Mann’s transformation from college to his third NBA season continues to evolve. At Florida State, there were times he wouldn’t look for layups. So far this preseason, with his confidence-emboldening 39-point game against Utah only months old in his memory, he has made a jumper off one foot similar to Dirk Nowitzki’s trademark form and has found a reliable shot in penetrating deep into the paint before uncorking what is fast becoming his own trademark turnaround jumper.

That improvement is why some NBA general managers wrote him in as one candidate for a breakout season in their annual preseason survey. It was a compliment, of course, but for Mann such praise rings hollow.

“You said, GMs, the ones that didn’t draft me? Until the 48th pick?” he said. “I don’t care about that s—.”

5. The long haul

Batum turns 33 on Dec. 14, and he needs no reminder that he’s entering his 14th NBA season and has played about 10 consecutive months of basketball this year, when the Clippers’ conference final run bled into his preparation for the Olympics with France. He and Lue have discussed how to keep him fresh and Batum suggested he might not play Friday in the third preseason game at Dallas.

When the regular season begins, he made it clear that he will fill whatever role is asked of him. Whether it's 40 minutes one night, or 10 minutes the next, Batum said he won’t complain, a product of a veteran’s perspective. Hint: He probably won’t have many 10-minute nights. He does too many of the small things right to warrant a light workload.

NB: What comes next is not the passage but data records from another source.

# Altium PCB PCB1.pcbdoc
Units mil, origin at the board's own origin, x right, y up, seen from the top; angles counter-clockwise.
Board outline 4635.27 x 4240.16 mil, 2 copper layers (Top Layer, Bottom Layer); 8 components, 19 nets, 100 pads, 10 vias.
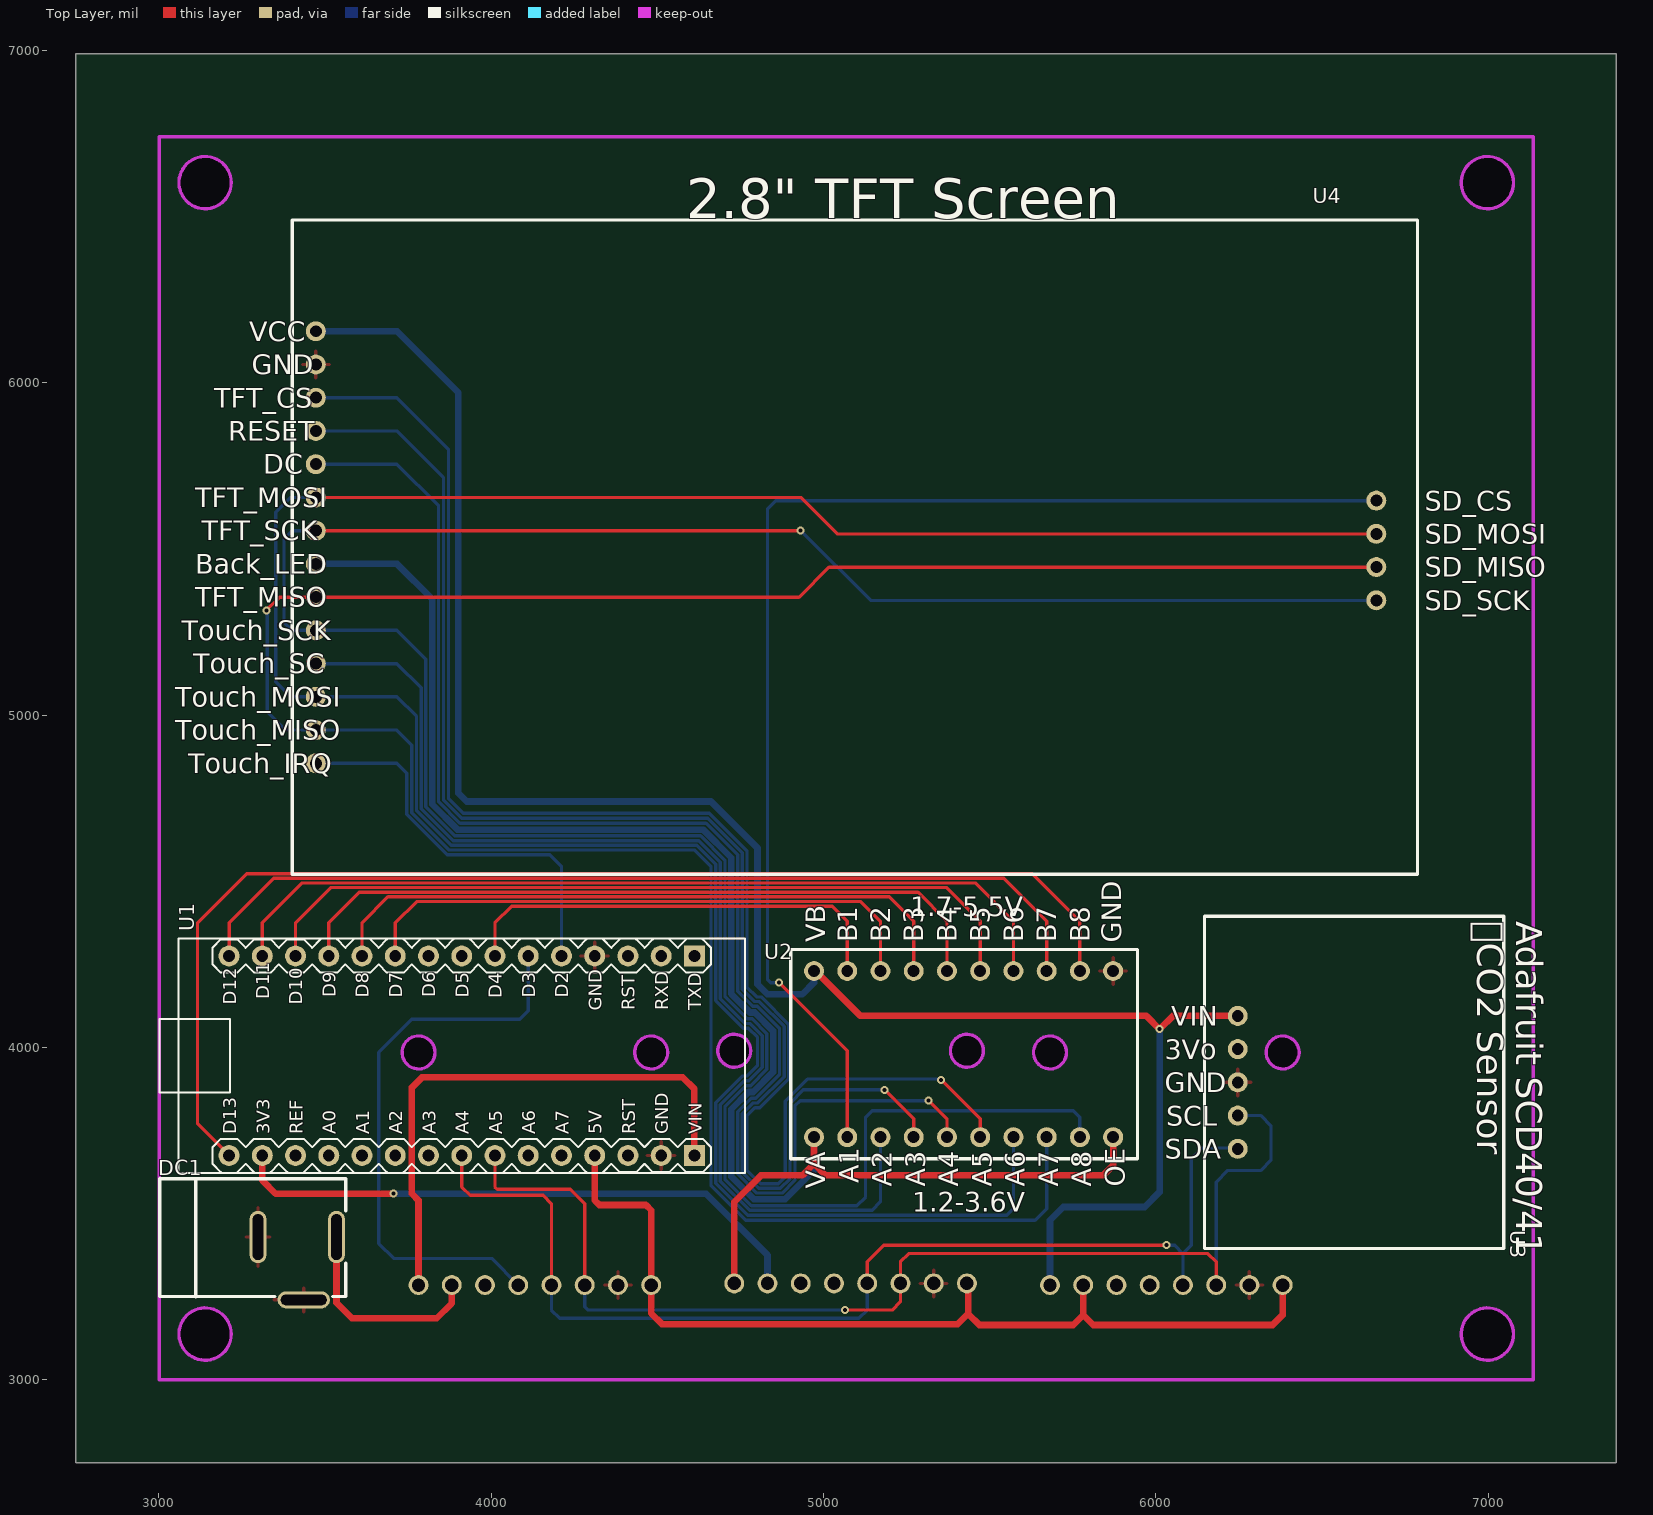
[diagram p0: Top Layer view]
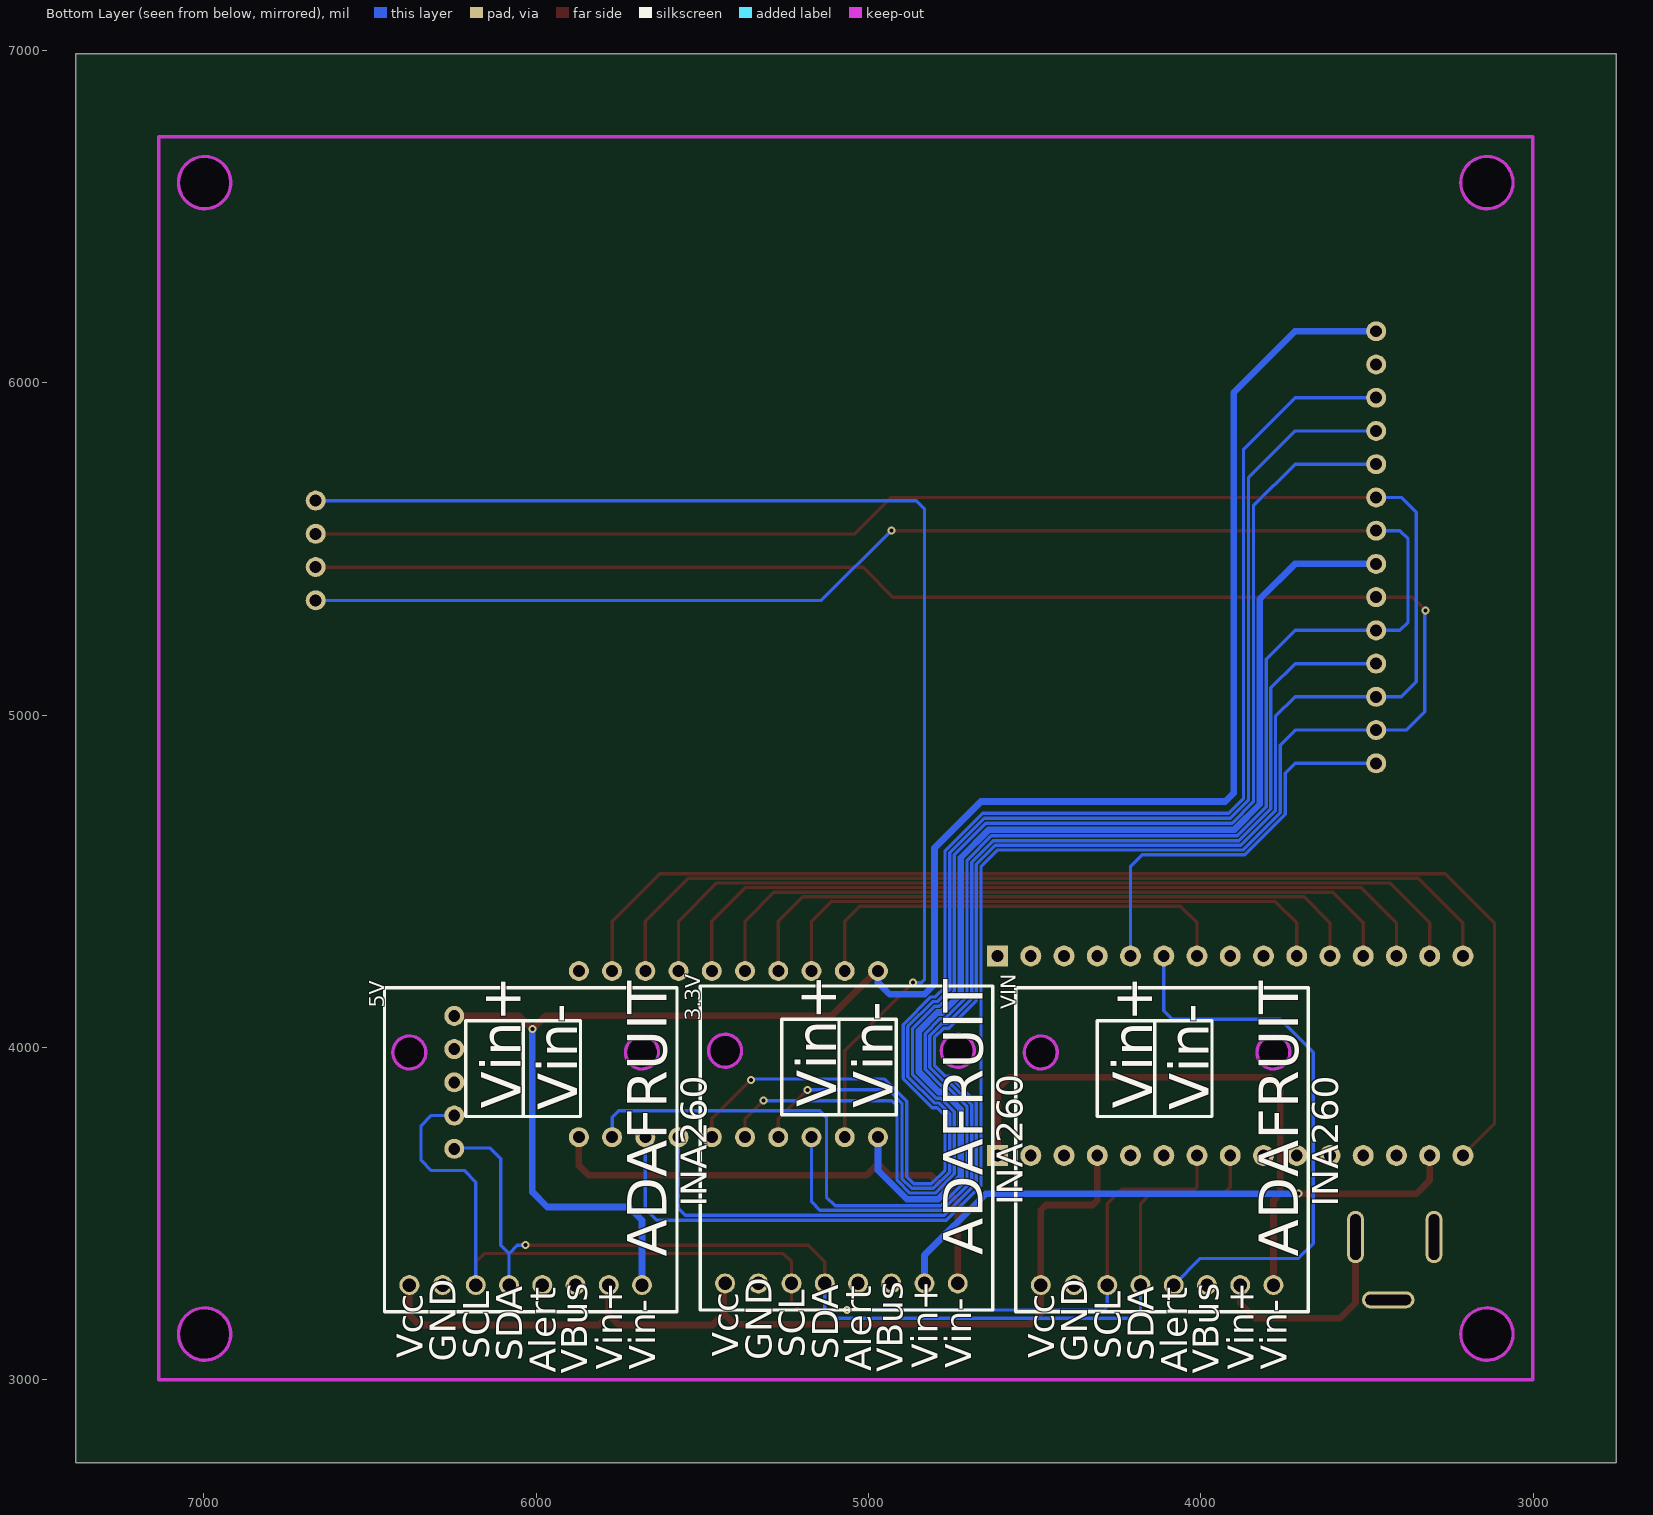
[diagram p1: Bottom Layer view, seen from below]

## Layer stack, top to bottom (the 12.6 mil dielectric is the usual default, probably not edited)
Top Layer: signal copper (thickness not stored)
Dielectric: dielectric 12.6, FR-4, Dk 4.8
Bottom Layer: signal copper (thickness not stored)

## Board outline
7385.27,2750 2750,2750 2750,6990.16 7385.27,6990.16
cut-out: 3217.95,6602.36 ccw(c3139.21,6602.36) 3060.47,6602.36 ccw(c3139.21,6602.36)
cut-out: 7076.22,6602.36 ccw(c6997.48,6601.94) 6918.74,6602.36 ccw(c6997.48,6602.78)
cut-out: 7076.22,3137.8 ccw(c6997.48,3137.38) 6918.74,3137.8 ccw(c6997.48,3138.21)
cut-out: 3217.95,3137.8 ccw(c3139.21,3137.8) 3060.47,3137.8 ccw(c3139.21,3137.8)

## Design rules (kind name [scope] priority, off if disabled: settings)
Clearance copperThickness1oz [All] p1: gap=7 ignorepadtopadclearanceinfootprint=FALSE except(4: Track-Track; 6: Track-SMDPad SMDPad-SMDPad Track-THPad SMDPad-THPad THPad-THPad Track-Via SMDPad-Via THPad-Via Via-Via Track-Fill SMDPad-Fill THPad-Fill Via-Fill Fill-Fill SMDPad-Region THPad-Region Via-Region Fill-Region Region-Region SMDPad-Poly THPad-Poly Via-Poly Fill-Poly Poly-Poly Track-Text SMDPad-Text THPad-Text Via-Text Fill-Text Region-Text Text-Text Track-Sheet SMDPad-Sheet THPad-Sheet Via-Sheet Fill-Sheet Region-Sheet Poly-Sheet Text-Sheet Track-Hole SMDPad-Hole THPad-Hole Via-Hole Fill-Hole Region-Hole Poly-Hole Text-Hole Sheet-Hole; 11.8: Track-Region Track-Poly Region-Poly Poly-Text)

“I thought I was done last year, thought I was done,” he said. “I'm like, reborn. Had a pretty good 2021 so far. Been to conference finals, got a new baby girl, got a silver medal, and I'm a knight now in France. I didn't expect that a year ago … if you tell me in one year, gonna go through all of that, I don't think I'd be — yeah, right.

“But I'm just happy to be in a great situation. My family's happy. Wife is happy. Kids are happy, and healthy, playing basketball in a great city, great organization, I'm good. Just happy to be here.”